Mayor Daley of Chicago is planning to put a surveillance camera on every corner to aid first responders and deter terrorism.  As I’ve said before, cameras don’t deter terrorism, but they do satisfy the need to “do something” without really improving security.  Police officers prevent attacks with traditional investigation and intelligence gathering; cameras are only useful in picking up the pieces after the attack is done.  My colleague Jim Harper is cited in this piece that addresses their utility in more detail.  Cameras didn’t stop the 7/7 bombings in London, but they took lots of pictures of the attack (creepy Big Brother shots here).  The London police doubled down on mass surveillance, but reported that the cameras have not reduced crime.  Worse yet, the British have effectively outlawed taking photos of police officers, prompting photo protests.

Chicago isn’t the first major American city to take this route.  New York did so, as did the District of Columbia.  The cameras in D.C. have not prevented crime, and this piece makes the case that they are a waste of resources – no one can point to a prosecution that used the camera footage to obtain a conviction, and several murders have been committed within a block of a surveillance camera.

Surveillance cameras can and should play a prominent role in law enforcement – mounted on officers’ firearms.  A company is now producing a camera that attaches to the tactical rail found on modern pistols and rifles.  A New York county has invested in the technology for its officers, and their experience looks promising.  Putting a camera on the guns of SWAT officers will keep them honest and prevent falsification of evidence after the fact to cover up a mistaken address or unlawful use of lethal force.

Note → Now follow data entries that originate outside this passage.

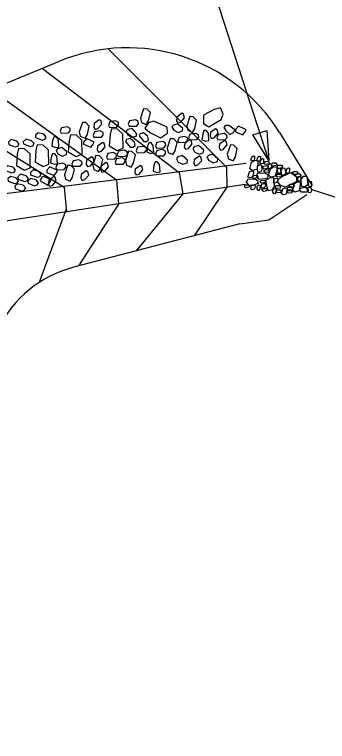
# Model space of a CAD drawing. Extents: x 2384780 to 2405432, y 547869 to 573706.
# Drawn here: x 2401209.8 to 2401263.5, y 570395.9 to 570520.8 of the extents above; entities that cross this region are included whole.
import ezdxf

# ---------------------------------------------------------------- set-up
doc = ezdxf.new("R2010")
doc.units = 0
for name, color, linetype in [('Old_Level_1', 7, 'Continuous'), ('Old_Level_18', 7, 'Continuous'), ('Old_Level_33', 7, 'Continuous'), ('Old_Level_5', 7, 'Continuous'), ('Prop Lateral Base Ditch Detail CELL', 7, 'Continuous')]:
    doc.layers.add(name, color=color, linetype=linetype)

msp = doc.modelspace()

# ---------------------------------------------------------------- linework, layer by layer
at = {"layer": 'Old_Level_1'}
msp.add_line((2401260.68, 570490.77), (2401428.15, 570436.18), dxfattribs=at)
for points in [[(2401251.57, 570495.66), (2401251.55, 570495.14), (2401251.39, 570494.18), (2401250.63, 570493.97), (2401250.2, 570494.28), (2401250.5, 570495.44), (2401251.06, 570495.76), (2401251.57, 570495.66)], [(2401250.99, 570496.46), (2401251.01, 570496.15), (2401250.96, 570495.66), (2401250.61, 570495.63), (2401250.36, 570495.74), (2401250.56, 570496.35), (2401250.81, 570496.53), (2401250.99, 570496.46)], [(2401252, 570496.41), (2401252.03, 570496.1), (2401251.97, 570495.61), (2401251.62, 570495.57), (2401251.37, 570495.69), (2401251.57, 570496.3), (2401251.83, 570496.47), (2401252, 570496.41)], [(2401252.54, 570495.97), (2401252.57, 570495.66), (2401252.52, 570495.17), (2401252.16, 570495.13), (2401251.92, 570495.25), (2401252.12, 570495.86), (2401252.37, 570496.04), (2401252.54, 570495.97)], [(2401252.59, 570495.39), (2401252.89, 570495.53), (2401253.39, 570495.57), (2401253.53, 570495.31), (2401253.49, 570495.14), (2401252.85, 570495.02), (2401252.66, 570495.18), (2401252.59, 570495.39)], [(2401253.93, 570495.1), (2401254.15, 570495.28), (2401254.65, 570495.3), (2401254.83, 570495.03), (2401254.79, 570494.85), (2401254.16, 570494.74), (2401253.96, 570494.9), (2401253.93, 570495.1)], [(2401251.64, 570493.66), (2401251.53, 570494.03), (2401251.54, 570494.76), (2401251.9, 570494.99), (2401252.19, 570494.92), (2401252.25, 570494.08), (2401252.07, 570493.73), (2401251.64, 570493.66)], [(2401252.41, 570494.7), (2401252.61, 570494.73), (2401253.13, 570494.83), (2401253.3, 570494.49), (2401253.26, 570494.31), (2401252.59, 570494.21), (2401252.47, 570494.45), (2401252.41, 570494.7)], [(2401252.58, 570493.94), (2401252.84, 570494.13), (2401253.34, 570494.14), (2401253.51, 570493.87), (2401253.45, 570493.69), (2401252.85, 570493.62), (2401252.65, 570493.74), (2401252.58, 570493.94)], [(2401254.83, 570494.54), (2401254.83, 570494), (2401254.54, 570493.03), (2401253.89, 570492.85), (2401253.41, 570493.12), (2401253.74, 570494.28), (2401254.33, 570494.7), (2401254.83, 570494.54)], [(2401253.45, 570494.29), (2401253.42, 570494.52), (2401253.42, 570495.02), (2401253.67, 570495.19), (2401253.82, 570495.17), (2401253.95, 570494.64), (2401253.77, 570494.37), (2401253.57, 570494.3)], [(2401255.05, 570493.48), (2401254.99, 570493.71), (2401254.88, 570494.24), (2401255.24, 570494.36), (2401255.4, 570494.33), (2401255.51, 570493.69), (2401255.37, 570493.53), (2401255.05, 570493.48)], [(2401254.89, 570494.69), (2401255.11, 570494.88), (2401255.61, 570494.9), (2401255.79, 570494.63), (2401255.75, 570494.45), (2401255.12, 570494.34), (2401254.93, 570494.5), (2401254.89, 570494.69)], [(2401256.13, 570494.43), (2401256.29, 570494.1), (2401256.35, 570493.39), (2401255.99, 570493.13), (2401255.69, 570493.19), (2401255.55, 570494.05), (2401255.81, 570494.39), (2401256.13, 570494.43)], [(2401257, 570494.37), (2401257.02, 570494.05), (2401256.96, 570493.57), (2401256.61, 570493.53), (2401256.37, 570493.65), (2401256.56, 570494.26), (2401256.82, 570494.43), (2401257, 570494.37)], [(2401250.8, 570493.82), (2401250.8, 570493.45), (2401250.67, 570492.82), (2401250.12, 570492.73), (2401249.85, 570492.86), (2401250.14, 570493.76), (2401250.48, 570493.93), (2401250.8, 570493.82)], [(2401250.64, 570492.95), (2401250.87, 570493.13), (2401251.37, 570493.16), (2401251.55, 570492.89), (2401251.51, 570492.71), (2401250.87, 570492.6), (2401250.67, 570492.75), (2401250.64, 570492.95)], [(2401253.27, 570492.65), (2401252.84, 570492.56), (2401251.78, 570492.45), (2401251.41, 570493.02), (2401251.51, 570493.54), (2401252.73, 570493.57), (2401253.3, 570493.3), (2401253.26, 570492.77)], [(2401254.73, 570493.18), (2401254.94, 570493.37), (2401255.44, 570493.35), (2401255.63, 570493.13), (2401255.58, 570492.91), (2401254.96, 570492.83), (2401254.76, 570492.98), (2401254.73, 570493.18)], [(2401255.02, 570492.33), (2401255.63, 570492.92), (2401257.21, 570493.65), (2401258.18, 570492.93), (2401258.26, 570492.11), (2401256.32, 570491.15), (2401255.39, 570491.45), (2401254.87, 570492.24)], [(2401257.48, 570493.66), (2401257.74, 570493.81), (2401258.25, 570493.83), (2401258.43, 570493.59), (2401258.38, 570493.37), (2401257.73, 570493.31), (2401257.55, 570493.45), (2401257.48, 570493.66)], [(2401258.05, 570493.22), (2401258.27, 570493.4), (2401258.77, 570493.42), (2401258.94, 570493.15), (2401258.91, 570492.97), (2401258.28, 570492.87), (2401258.08, 570493.02), (2401258.05, 570493.22)], [(2401259.01, 570492.85), (2401258.97, 570492.63), (2401258.89, 570492.19), (2401258.57, 570492.13), (2401258.39, 570492.17), (2401258.5, 570492.76), (2401258.77, 570493.01), (2401259.01, 570492.85)], [(2401259.96, 570493.01), (2401260.06, 570492.57), (2401260.17, 570491.55), (2401259.59, 570491.13), (2401259.08, 570491.28), (2401259.02, 570492.51), (2401259.43, 570493.01), (2401259.84, 570493.03)], [(2401249.26, 570491.35), (2401249.48, 570491.55), (2401249.98, 570491.55), (2401250.16, 570491.3), (2401250.09, 570491.12), (2401249.5, 570491.03), (2401249.34, 570491.14), (2401249.26, 570491.35)], [(2401251.54, 570491.74), (2401251.08, 570491.52), (2401250.06, 570491.41), (2401249.64, 570491.99), (2401249.86, 570492.48), (2401251.09, 570492.55), (2401251.49, 570492.27), (2401251.61, 570491.72)], [(2401251.97, 570492.14), (2401252.17, 570492.29), (2401252.73, 570492.35), (2401252.91, 570492.08), (2401252.83, 570491.91), (2401252.2, 570491.8), (2401252.03, 570491.9), (2401251.97, 570492.14)], [(2401252.82, 570491.74), (2401252.88, 570491.42), (2401252.69, 570491.04), (2401252.32, 570490.92), (2401252.16, 570491.07), (2401252.28, 570491.66), (2401252.64, 570491.78), (2401252.82, 570491.74)], [(2401253.35, 570490.63), (2401253.17, 570491.14), (2401252.94, 570492.3), (2401253.76, 570492.79), (2401254.24, 570492.7), (2401254.38, 570491.22), (2401253.96, 570490.59), (2401253.33, 570490.51)], [(2401254.94, 570492.62), (2401255, 570492.3), (2401254.82, 570491.92), (2401254.44, 570491.8), (2401254.28, 570491.95), (2401254.4, 570492.54), (2401254.76, 570492.66), (2401254.94, 570492.62)], [(2401256.92, 570491.44), (2401257.14, 570491.62), (2401257.64, 570491.63), (2401257.83, 570491.38), (2401257.76, 570491.21), (2401257.16, 570491.12), (2401256.99, 570491.23), (2401256.92, 570491.44)], [(2401258.84, 570491.97), (2401258.86, 570491.47), (2401258.67, 570490.47), (2401257.93, 570490.26), (2401257.57, 570490.53), (2401257.88, 570491.73), (2401258.37, 570492.05), (2401258.84, 570491.97)], [(2401260.36, 570491.26), (2401260.33, 570491.48), (2401260.21, 570492.01), (2401260.53, 570492.14), (2401260.71, 570492.1), (2401260.87, 570491.45), (2401260.66, 570491.19), (2401260.36, 570491.26)], [(2401251.06, 570491.46), (2401251.1, 570491.14), (2401250.92, 570490.76), (2401250.55, 570490.65), (2401250.39, 570490.8), (2401250.5, 570491.39), (2401250.87, 570491.5), (2401251.06, 570491.46)], [(2401251.61, 570490.53), (2401251.45, 570490.84), (2401251.45, 570491.28), (2401251.68, 570491.52), (2401251.98, 570491.46), (2401251.94, 570490.86), (2401251.81, 570490.58), (2401251.61, 570490.53)], [(2401252.27, 570490.71), (2401252.5, 570490.9), (2401253, 570490.91), (2401253.19, 570490.67), (2401253.11, 570490.49), (2401252.53, 570490.4), (2401252.36, 570490.5), (2401252.27, 570490.71)], [(2401254.3, 570490.01), (2401254.16, 570490.24), (2401254.12, 570490.67), (2401254.37, 570490.92), (2401254.69, 570490.86), (2401254.65, 570490.26), (2401254.48, 570489.99), (2401254.3, 570490.01)], [(2401254.54, 570491.27), (2401254.77, 570491.42), (2401255.25, 570491.41), (2401255.45, 570491.17), (2401255.4, 570490.95), (2401254.77, 570490.91), (2401254.61, 570491.06), (2401254.54, 570491.27)], [(2401254.68, 570490.46), (2401254.91, 570490.64), (2401255.41, 570490.64), (2401255.58, 570490.4), (2401255.51, 570490.22), (2401254.93, 570490.13), (2401254.76, 570490.25), (2401254.68, 570490.46)], [(2401256.54, 570490.95), (2401256.57, 570490.53), (2401256.46, 570489.94), (2401255.91, 570489.82), (2401255.63, 570490.03), (2401255.89, 570490.86), (2401256.25, 570491.01), (2401256.54, 570490.95)], [(2401256.56, 570490.97), (2401256.83, 570491.14), (2401257.31, 570491.11), (2401257.51, 570490.89), (2401257.46, 570490.67), (2401256.79, 570490.61), (2401256.64, 570490.76), (2401256.56, 570490.97)], [(2401256.58, 570490.38), (2401256.8, 570490.57), (2401257.3, 570490.58), (2401257.49, 570490.32), (2401257.41, 570490.14), (2401256.82, 570490.07), (2401256.65, 570490.17), (2401256.58, 570490.38)], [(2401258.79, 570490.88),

Mayor Cheye Calvo can attest to these horrors, as detailed in a recent Washington Post Sunday Magazine cover story, this Cato Policy Report, and this Cato Policy Forum, “Should No-Knock Police Raids be Rare-or Routine?”  Click here for video – Mayor Calvo calmly captures the raw shock of having your life turn into a tactical problem for a SWAT team to solve, and he is now advocating for a Maryland state statute to mandate tracking the deployment of tactical law enforcement teams.  As Radley Balko would tell you, this is long overdue.